RECORDS PROVIDED section start
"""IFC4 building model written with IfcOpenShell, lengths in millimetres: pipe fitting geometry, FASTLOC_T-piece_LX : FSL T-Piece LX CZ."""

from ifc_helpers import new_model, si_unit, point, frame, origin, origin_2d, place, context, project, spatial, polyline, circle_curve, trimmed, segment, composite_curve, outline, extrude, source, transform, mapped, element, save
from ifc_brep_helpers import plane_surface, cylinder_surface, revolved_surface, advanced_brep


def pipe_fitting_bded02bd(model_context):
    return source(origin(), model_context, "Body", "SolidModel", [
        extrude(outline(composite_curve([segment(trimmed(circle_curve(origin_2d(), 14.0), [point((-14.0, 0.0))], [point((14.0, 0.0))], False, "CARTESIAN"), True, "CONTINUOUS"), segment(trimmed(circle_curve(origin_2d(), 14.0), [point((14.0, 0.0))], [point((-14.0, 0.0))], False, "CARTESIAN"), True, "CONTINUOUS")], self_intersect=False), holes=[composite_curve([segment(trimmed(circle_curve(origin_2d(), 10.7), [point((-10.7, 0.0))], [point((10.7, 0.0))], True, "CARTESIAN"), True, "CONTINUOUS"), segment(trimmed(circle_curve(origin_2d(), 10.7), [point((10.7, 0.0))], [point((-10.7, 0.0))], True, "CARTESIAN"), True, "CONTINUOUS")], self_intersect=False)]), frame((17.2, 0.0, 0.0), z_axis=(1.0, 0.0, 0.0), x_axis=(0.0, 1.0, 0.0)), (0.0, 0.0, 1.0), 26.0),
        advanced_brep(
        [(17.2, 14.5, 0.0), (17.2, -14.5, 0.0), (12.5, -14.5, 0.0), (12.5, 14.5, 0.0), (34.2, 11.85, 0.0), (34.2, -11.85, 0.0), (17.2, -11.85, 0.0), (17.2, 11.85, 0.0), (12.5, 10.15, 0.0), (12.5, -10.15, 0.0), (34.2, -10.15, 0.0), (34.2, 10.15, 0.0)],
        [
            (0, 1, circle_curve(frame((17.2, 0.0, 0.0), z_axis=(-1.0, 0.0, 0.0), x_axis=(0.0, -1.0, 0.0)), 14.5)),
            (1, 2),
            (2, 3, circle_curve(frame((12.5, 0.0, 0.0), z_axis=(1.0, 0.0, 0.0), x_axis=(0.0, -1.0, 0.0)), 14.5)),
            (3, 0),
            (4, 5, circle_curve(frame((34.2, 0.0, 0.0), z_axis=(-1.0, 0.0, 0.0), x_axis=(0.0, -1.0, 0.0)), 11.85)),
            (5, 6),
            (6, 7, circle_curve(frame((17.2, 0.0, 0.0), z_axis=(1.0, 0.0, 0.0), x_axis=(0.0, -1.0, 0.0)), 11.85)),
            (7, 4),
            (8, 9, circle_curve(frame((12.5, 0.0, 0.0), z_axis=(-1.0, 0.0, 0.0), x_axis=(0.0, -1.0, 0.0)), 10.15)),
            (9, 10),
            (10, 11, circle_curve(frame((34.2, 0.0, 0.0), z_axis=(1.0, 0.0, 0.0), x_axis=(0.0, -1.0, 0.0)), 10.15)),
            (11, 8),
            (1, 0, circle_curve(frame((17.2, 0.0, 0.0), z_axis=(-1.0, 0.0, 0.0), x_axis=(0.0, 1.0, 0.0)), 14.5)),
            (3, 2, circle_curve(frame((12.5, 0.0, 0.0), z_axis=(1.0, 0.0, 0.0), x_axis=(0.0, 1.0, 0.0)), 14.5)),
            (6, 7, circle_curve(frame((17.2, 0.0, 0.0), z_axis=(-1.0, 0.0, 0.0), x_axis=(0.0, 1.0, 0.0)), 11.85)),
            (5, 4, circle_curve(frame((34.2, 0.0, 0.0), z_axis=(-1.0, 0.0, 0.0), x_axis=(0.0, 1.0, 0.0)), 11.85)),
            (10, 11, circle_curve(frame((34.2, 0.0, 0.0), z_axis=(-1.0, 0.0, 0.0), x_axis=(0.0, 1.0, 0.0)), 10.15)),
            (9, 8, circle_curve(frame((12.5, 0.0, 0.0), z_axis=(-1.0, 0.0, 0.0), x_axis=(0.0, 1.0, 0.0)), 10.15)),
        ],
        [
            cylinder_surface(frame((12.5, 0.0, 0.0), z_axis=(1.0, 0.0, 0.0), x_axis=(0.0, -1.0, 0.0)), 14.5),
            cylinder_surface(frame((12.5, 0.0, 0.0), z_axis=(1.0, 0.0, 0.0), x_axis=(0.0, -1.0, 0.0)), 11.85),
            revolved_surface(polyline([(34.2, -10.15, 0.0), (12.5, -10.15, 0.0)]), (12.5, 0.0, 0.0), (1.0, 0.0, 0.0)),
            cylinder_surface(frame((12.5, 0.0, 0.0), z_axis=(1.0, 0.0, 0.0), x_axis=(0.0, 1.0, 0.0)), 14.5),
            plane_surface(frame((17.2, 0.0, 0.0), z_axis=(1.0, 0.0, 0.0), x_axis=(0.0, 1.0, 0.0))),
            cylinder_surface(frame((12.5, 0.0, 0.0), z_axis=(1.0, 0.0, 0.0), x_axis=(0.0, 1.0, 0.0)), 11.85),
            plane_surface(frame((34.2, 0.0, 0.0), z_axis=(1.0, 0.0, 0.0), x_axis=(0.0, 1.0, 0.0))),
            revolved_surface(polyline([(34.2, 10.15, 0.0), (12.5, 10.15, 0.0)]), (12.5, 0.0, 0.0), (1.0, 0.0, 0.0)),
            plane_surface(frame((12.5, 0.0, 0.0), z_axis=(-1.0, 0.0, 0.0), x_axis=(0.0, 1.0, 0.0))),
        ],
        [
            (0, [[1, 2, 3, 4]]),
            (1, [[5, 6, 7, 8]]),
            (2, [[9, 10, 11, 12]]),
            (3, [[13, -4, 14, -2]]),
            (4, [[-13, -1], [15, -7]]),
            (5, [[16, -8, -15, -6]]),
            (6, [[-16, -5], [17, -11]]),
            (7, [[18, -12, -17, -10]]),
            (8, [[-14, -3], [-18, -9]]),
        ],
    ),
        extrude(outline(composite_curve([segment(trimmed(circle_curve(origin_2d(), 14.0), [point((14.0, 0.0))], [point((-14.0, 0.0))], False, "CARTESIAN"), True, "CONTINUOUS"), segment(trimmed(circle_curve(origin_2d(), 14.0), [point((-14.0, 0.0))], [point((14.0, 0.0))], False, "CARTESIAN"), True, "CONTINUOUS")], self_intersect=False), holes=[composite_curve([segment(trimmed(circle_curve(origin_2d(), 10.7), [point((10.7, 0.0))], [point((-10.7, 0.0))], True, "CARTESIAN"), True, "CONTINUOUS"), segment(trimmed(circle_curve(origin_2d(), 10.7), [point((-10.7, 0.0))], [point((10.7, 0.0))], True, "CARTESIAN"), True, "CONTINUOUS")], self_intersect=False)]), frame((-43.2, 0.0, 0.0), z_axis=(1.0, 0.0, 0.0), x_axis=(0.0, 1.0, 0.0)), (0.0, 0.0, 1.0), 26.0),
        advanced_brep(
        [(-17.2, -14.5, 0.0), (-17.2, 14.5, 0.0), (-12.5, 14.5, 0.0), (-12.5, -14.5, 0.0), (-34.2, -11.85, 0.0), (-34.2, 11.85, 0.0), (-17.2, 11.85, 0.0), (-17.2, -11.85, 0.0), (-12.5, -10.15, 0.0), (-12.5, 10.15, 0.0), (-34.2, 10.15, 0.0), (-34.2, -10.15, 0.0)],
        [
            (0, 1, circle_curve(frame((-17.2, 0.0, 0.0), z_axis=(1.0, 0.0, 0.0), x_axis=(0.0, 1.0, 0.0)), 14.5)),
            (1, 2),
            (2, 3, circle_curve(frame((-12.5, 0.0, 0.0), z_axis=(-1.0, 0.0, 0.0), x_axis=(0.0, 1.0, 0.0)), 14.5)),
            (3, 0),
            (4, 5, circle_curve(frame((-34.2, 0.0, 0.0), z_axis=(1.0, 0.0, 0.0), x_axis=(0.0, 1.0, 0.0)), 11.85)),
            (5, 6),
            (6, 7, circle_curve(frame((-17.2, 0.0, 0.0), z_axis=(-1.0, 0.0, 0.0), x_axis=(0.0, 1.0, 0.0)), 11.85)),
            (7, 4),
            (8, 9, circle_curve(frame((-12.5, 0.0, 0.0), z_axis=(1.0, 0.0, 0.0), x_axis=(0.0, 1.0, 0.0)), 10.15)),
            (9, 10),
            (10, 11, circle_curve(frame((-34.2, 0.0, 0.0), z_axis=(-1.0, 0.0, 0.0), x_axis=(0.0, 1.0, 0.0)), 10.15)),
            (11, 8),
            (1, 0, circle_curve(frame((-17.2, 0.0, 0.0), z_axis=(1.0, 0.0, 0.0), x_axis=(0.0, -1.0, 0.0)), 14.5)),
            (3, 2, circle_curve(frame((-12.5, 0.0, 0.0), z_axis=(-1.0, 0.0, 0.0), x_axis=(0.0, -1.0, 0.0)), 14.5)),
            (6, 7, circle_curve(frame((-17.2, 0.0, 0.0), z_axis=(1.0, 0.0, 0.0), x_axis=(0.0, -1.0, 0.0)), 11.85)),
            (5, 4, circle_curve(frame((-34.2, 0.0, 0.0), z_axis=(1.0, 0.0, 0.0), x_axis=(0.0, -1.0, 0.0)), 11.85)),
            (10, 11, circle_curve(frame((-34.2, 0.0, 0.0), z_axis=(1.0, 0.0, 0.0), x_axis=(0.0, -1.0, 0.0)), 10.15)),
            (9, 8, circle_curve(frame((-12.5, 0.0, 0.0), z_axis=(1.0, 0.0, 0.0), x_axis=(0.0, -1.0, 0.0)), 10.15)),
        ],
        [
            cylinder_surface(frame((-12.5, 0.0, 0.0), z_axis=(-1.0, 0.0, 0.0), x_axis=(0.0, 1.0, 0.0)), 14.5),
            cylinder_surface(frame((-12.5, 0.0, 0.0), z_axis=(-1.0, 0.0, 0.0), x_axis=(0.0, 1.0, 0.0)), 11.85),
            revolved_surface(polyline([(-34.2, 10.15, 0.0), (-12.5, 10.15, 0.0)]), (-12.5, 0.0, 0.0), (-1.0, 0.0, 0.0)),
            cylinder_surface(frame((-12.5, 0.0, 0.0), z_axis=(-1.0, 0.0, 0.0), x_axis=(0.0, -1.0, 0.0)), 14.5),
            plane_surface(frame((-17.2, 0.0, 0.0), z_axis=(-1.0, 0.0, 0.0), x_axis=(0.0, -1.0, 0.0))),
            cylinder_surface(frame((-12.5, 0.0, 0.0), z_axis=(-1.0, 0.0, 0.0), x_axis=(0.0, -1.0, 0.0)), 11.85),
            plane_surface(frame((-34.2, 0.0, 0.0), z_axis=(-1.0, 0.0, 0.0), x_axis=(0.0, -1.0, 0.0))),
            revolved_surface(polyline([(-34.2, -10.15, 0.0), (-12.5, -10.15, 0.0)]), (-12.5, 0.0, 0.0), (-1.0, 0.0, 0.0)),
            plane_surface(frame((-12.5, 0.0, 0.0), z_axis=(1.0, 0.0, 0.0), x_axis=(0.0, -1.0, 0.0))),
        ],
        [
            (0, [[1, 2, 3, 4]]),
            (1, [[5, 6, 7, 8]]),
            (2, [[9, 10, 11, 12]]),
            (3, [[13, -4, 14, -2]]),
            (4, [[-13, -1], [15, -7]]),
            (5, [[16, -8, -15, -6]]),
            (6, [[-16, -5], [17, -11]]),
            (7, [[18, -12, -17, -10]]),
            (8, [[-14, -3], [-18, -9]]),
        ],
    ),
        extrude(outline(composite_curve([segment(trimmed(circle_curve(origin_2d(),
RECORDS PROVIDED section end
* ABOUT THIS TASK: Work out the number of lines above that include the string "import" and write only that number.

* ANSWER BELOW: 2